### Brief
Search term "FOOTLIFT": please copy every line of the records below that contains it.

--- START ---

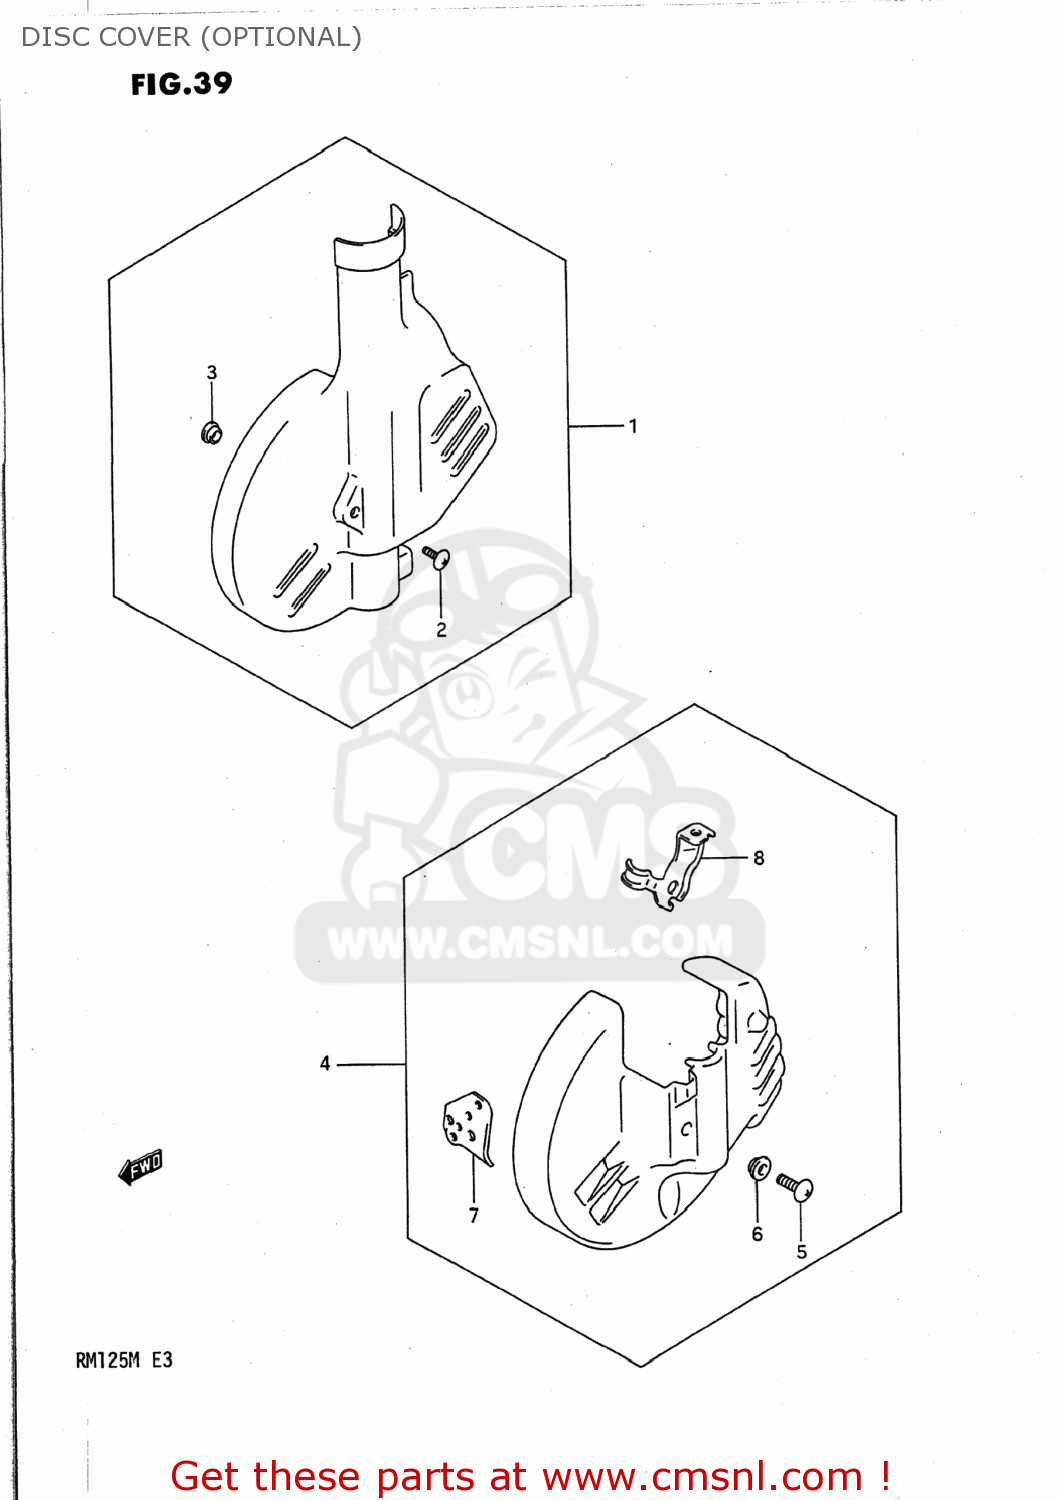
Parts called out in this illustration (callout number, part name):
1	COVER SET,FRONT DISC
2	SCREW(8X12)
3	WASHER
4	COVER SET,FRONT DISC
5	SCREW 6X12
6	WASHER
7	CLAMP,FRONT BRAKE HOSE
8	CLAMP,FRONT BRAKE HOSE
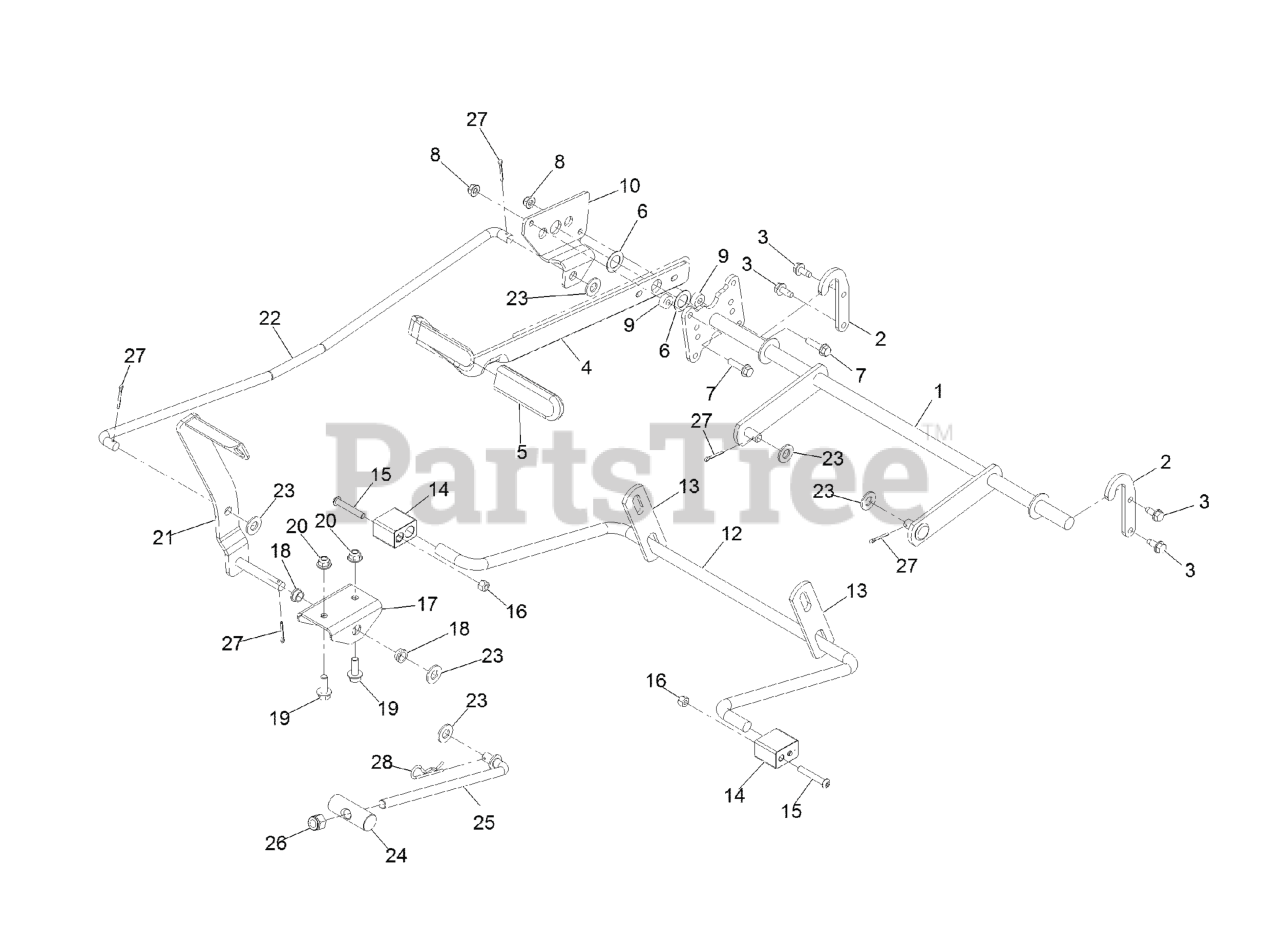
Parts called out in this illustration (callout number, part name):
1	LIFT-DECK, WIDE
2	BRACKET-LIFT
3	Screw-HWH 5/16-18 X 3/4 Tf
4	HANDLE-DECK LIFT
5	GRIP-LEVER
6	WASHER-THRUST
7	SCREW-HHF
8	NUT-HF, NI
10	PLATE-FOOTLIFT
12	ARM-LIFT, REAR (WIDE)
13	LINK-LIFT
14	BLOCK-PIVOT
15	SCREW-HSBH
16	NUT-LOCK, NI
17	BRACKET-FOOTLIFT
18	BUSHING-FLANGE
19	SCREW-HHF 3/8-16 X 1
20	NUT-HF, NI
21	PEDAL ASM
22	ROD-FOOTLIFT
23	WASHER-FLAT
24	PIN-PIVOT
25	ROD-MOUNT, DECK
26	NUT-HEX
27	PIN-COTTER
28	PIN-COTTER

--- END ---

### Output for this task
10	PLATE-FOOTLIFT
17	BRACKET-FOOTLIFT
22	ROD-FOOTLIFT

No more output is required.